Coalition Rolls out Measures for Nigeria’s Economic Recovery

By Peter Uzoho

The Alliance for Surviving COVID-19 and Beyond (ASCAB), a labour and civil society coalition, led by human rights lawyer, Femi Falana, has provided a roadmap that can help the federal government to pull Nigeria’s economy back to life amid COVID-19 hardship.

The group also cautioned the federal and state governments as well as the private sector not to use budget cuts as an excuse to sack their workers in this difficult time.

The coalition, made up of over 70 civil society organisations, in a statement issued by its Publicity Secretary, Adewale Adeoye, listed steps the government could take to ensure the economy and worker’s interests are protected.

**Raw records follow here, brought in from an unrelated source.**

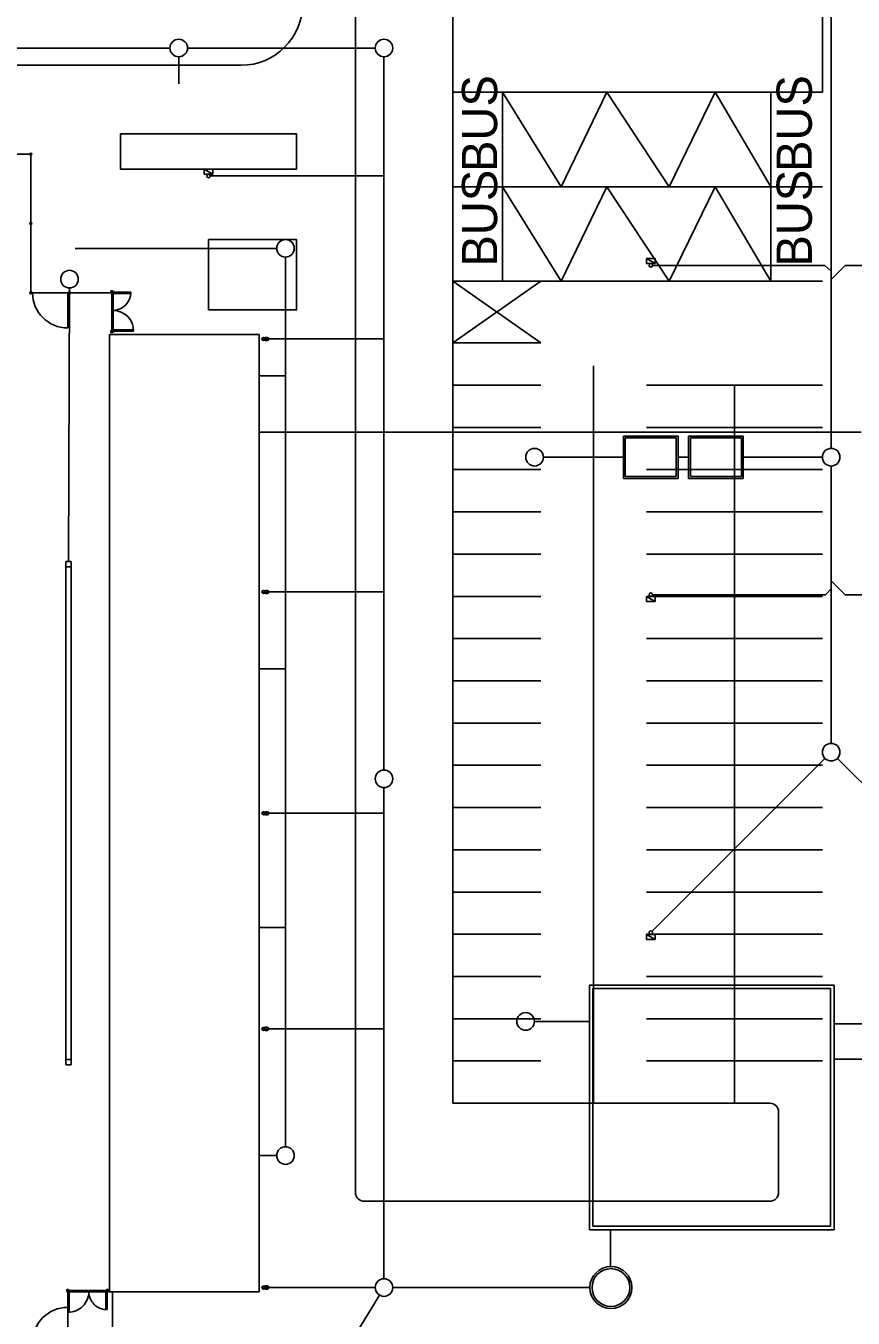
# Model space of a CAD drawing. Extents: x -264205 to -263615, y -1242401 to -1242031.
# Drawn here: x -263972.3 to -263925.3, y -1242253.7 to -1242180.2 of the extents above; entities that cross this region are included whole.
import ezdxf

# ---------------------------------------------------------------- set-up
doc = ezdxf.new("R2010")
doc.units = 0
doc.layers.add('KOORDINACNA_SITUACIA_DSP', color=7, linetype='Continuous')
doc.layers.add('PROJEKT_DRS_TDZ_VODOROVNE', color=7, linetype='Continuous')

msp = doc.modelspace()

# ---------------------------------------------------------------- linework, layer by layer
at = {"layer": 'KOORDINACNA_SITUACIA_DSP'}
for p, q in [((-263948.093, -1242087.901), (-263948.093, -1242241.458)), ((-263953.617, -1242244.458), (-263953.617, -1242093.307)), ((-263926.593, -1242155.252), (-263926.593, -1242204.252)), ((-264013.161, -1242181.5), (-263964.161, -1242181.5)), ((-263963.661, -1242182), (-263963.661, -1242183.528)), ((-263963.161, -1242181.5), (-263952.5, -1242181.5)), ((-263952, -1242222.527), (-263952, -1242182)), ((-263960.118, -1242182.482), (-264034.158, -1242182.482)), ((-263972.068, -1242187.532), (-264118.068, -1242187.532)), ((-263972.128, -1242187.532), (-263972.008, -1242187.532)), ((-263972.068, -1242187.592), (-263972.068, -1242187.472)), ((-263972.068, -1242195.407), (-263972.068, -1242187.532)), ((-263962.218, -1242188.382), (-263961.718, -1242188.382)), ((-263962.218, -1242188.672), (-263962.218, -1242188.382)), ((-263962.218, -1242188.382), (-263961.718, -1242188.672)), ((-263962.218, -1242188.382), (-263961.718, -1242188.672)), ((-263961.718, -1242188.382), (-263962.218, -1242188.382)), ((-263961.718, -1242188.672), (-263962.218, -1242188.672)), ((-263961.718, -1242188.382), (-263961.718, -1242188.672)), ((-263961.718, -1242188.672), (-263961.718, -1242188.382)), ((-263961.868, -1242188.772), (-263952, -1242188.772)), ((-263972.128, -1242191.47), (-263972.008, -1242191.47)), ((-263972.068, -1242191.41), (-263972.068, -1242191.53)), ((-263958.097, -1242192.883), (-263969.542, -1242192.883)), ((-263957.597, -1242243.932), (-263957.597, -1242193.383)), ((-263937.093, -1242193.752), (-263937.093, -1242193.462)), ((-263937.093, -1242193.462), (-263936.593, -1242193.462)), ((-263936.593, -1242193.752), (-263937.093, -1242193.462)), ((-263936.593, -1242193.752), (-263937.093, -1242193.462)), ((-263937.093, -1242193.462), (-263937.093, -1242193.752)), ((-263936.593, -1242193.752), (-263937.093, -1242193.752)), ((-263937.093, -1242193.752), (-263936.593, -1242193.752)), ((-263936.743, -1242193.852), (-263926.953, -1242193.852)), ((-263936.593, -1242193.462), (-263936.593, -1242193.752)), ((-263926.953, -1242193.852), (-263926.593, -1242194.178)), ((-263925.798, -1242193.852), (-263926.593, -1242194.648)), ((-263920.944, -1242193.852), (-263925.798, -1242193.852)), ((-263969.921, -1242210.683), (-263969.869, -1242195.133)), ((-263967.413, -1242195.307), (-263967.513, -1242195.307)), ((-263967.513, -1242195.307), (-263967.513, -1242195.407)), ((-263967.425, -1242195.32), (-263967.5, -1242195.32)), ((-263967.5, -1242195.32), (-263967.5, -1242195.395)), ((-263967.425, -1242195.395), (-263967.425, -1242195.32)), ((-263967.425, -1242195.395), (-263967.425, -1242195.345)), ((-263967.425, -1242195.345), (-263967.325, -1242195.345)), ((-263967.413, -1242195.407), (-263967.413, -1242195.307)), ((-263967.413, -1242195.357), (-263967.363, -1242195.357)), ((-263967.363, -1242195.357), (-263967.363, -1242195.457)), ((-263967.325, -1242195.345), (-263967.325, -1242195.37)), ((-263972.068, -1242195.407), (-263967.418, -1242195.407)), ((-263969.968, -1242195.407), (-263969.968, -1242197.407)), ((-263967.513, -1242195.407), (-263967.413, -1242195.407)), ((-263967.5, -1242195.395), (-263967.425, -1242195.395)), ((-263967.463, -1242195.407), (-263967.463, -1242196.395)), ((-263967.388, -1242195.407), (-263967.463, -1242195.407)), ((-263967.388, -1242196.395), (-263967.388, -1242195.407)), ((-263967.363, -1242195.457), (-263967.388, -1242195.457)), ((-263966.388, -1242195.371), (-263967.375, -1242195.37)), ((-263967.375, -1242195.37), (-263967.375, -1242195.445)), ((-263967.375, -1242195.445), (-263966.388, -1242195.446)), ((-263967.463, -1242197.557), (-263967.463, -1242196.42)), ((-263967.388, -1242196.42), (-263967.388, -1242197.557)), ((-263967.513, -1242197.557), (-263967.413, -1242197.557)), ((-263967.513, -1242197.657), (-263967.513, -1242197.557)), ((-263967.388, -1242197.557), (-263967.463, -1242197.557)), ((-263967.413, -1242197.557), (-263967.413, -1242197.657)), ((-263967.363, -1242197.507), (-263967.388, -1242197.507)), ((-263967.375, -1242197.52), (-263966.238, -1242197.52)), ((-263967.375, -1242197.595), (-263967.375, -1242197.52)), ((-263967.363, -1242197.607), (-263967.363, -1242197.507)), ((-263967.593, -1242252.182), (-263967.593, -1242197.782)), ((-263967.593, -1242197.782), (-263959.093, -1242197.782)), ((-263967.593, -1242197.782), (-263959.097, -1242197.782)), ((-263967.593, -1242252.182), (-263967.593, -1242197.782)), ((-263967.413, -1242197.657), (-263967.513, -1242197.657)), ((-263967.5, -1242197.57), (-263967.425, -1242197.57)), ((-263967.5, -1242197.645), (-263967.5, -1242197.57)), ((-263967.425, -1242197.645), (-263967.5, -1242197.645)), ((-263967.478, -1242197.782), (-263967.358, -1242197.782)), ((-263967.425, -1242197.57), (-263967.425, -1242197.62)), ((-263967.425, -1242197.57), (-263967.425, -1242197.645)), ((-263967.425, -1242197.62), (-263967.325, -1242197.62)), ((-263967.413, -1242197.607), (-263967.363, -1242197.607)), ((-263966.238, -1242197.595), (-263967.375, -1242197.595)), ((-263967.325, -1242197.62), (-263967.325, -1242197.595)), ((-263959.097, -1242197.782), (-263959.093, -1242252.182)), ((-263959.093, -1242197.782), (-263959.093, -1242252.182)), ((-263958.799, -1242197.962), (-263958.762, -1242197.962)), ((-263958.799, -1242198.102), (-263958.762, -1242198.102)), ((-263958.762, -1242197.962), (-263958.742, -1242197.942)), ((-263958.762, -1242198.102), (-263958.742, -1242198.122)), ((-263958.742, -1242197.942), (-263958.637, -1242197.942)), ((-263958.742, -1242198.122), (-263958.637, -1242198.122)), ((-263958.575, -1242198.032), (-263952, -1242198.032)), ((-263959.097, -1242200.132), (-263957.597, -1242200.132)), ((-263959.097, -1242203.332), (-263958.097, -1242203.332)), ((-263924.893, -1242203.332), (-263958.097, -1242203.332)), ((-263938.393, -1242203.552), (-263935.293, -1242203.552)), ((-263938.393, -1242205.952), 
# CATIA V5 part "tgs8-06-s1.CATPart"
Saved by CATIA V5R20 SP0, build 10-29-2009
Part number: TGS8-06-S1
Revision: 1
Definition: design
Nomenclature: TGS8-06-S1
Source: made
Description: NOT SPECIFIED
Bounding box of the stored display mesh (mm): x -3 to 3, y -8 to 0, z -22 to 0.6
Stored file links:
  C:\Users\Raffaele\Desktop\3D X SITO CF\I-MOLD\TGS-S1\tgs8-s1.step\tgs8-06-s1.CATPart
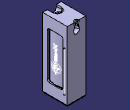
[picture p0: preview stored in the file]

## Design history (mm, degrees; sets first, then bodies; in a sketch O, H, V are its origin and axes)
Set1
  DatumCurve1 "COMPOSITE_CURVE #4117"
  DatumCurve2 "COMPOSITE_CURVE #4163"
  DatumCurve3 "COMPOSITE_CURVE #4396"
  DatumCurve4 "COMPOSITE_CURVE #4456"
  DatumCurve5 "COMPOSITE_CURVE #4513"
  DatumCurve6 "COMPOSITE_CURVE #4674"
  DatumCurve7 "COMPOSITE_CURVE #4701"
  DatumCurve8 "COMPOSITE_CURVE #4728"
  DatumCurve9 "COMPOSITE_CURVE #4811"
  DatumCurve10 "COMPOSITE_CURVE #4862"
  Line1 "LINE #4866": stored without definition
  DatumSurface1 "OPEN_SHELL #3969"
  DatumSurface2 "OPEN_SHELL #4066"
Body1 "MANIFOLD_SOLID_BREP #4067" (main body)
  Solid1: solid without history

According to him, “The government and the private sector must resist an easy recourse to job cuts and reduction of public spending on social services, especially healthcare services.”

The coalition said one of the challenges the federal government must decisively confront at this time was how to significantly increase or double public spending not only on healthcare services but also on public sanitation, water supply and public education.

“Increased spending on public education would allow decongestion of overcrowded classrooms by employing more teachers and urgently building more classrooms before children resume school.

“Doubling public expenditure in these areas will bridge huge gaps in service provision in these critical areas which are important for the early containment of COVID-19,” ASCAB said.

Other measures, according to the statement, include “funding for personal protective equipment (PPE) and adequate compensation for healthcare professionals in the frontline of COVID-19 care and treatment; intensified massive testing and building more well-equipped isolation centres with adequate provision for the care of those in isolation; a separate stimulus package for the informal sector through their cooperatives and organisations to boost local economies having been excluded from the CBN N50billion grant due to conditionality.”

The group also called for rapid provision of water and sanitation services, adding that states can be directly supported to provide both temporary and more permanent water supply technologies in communities and public places.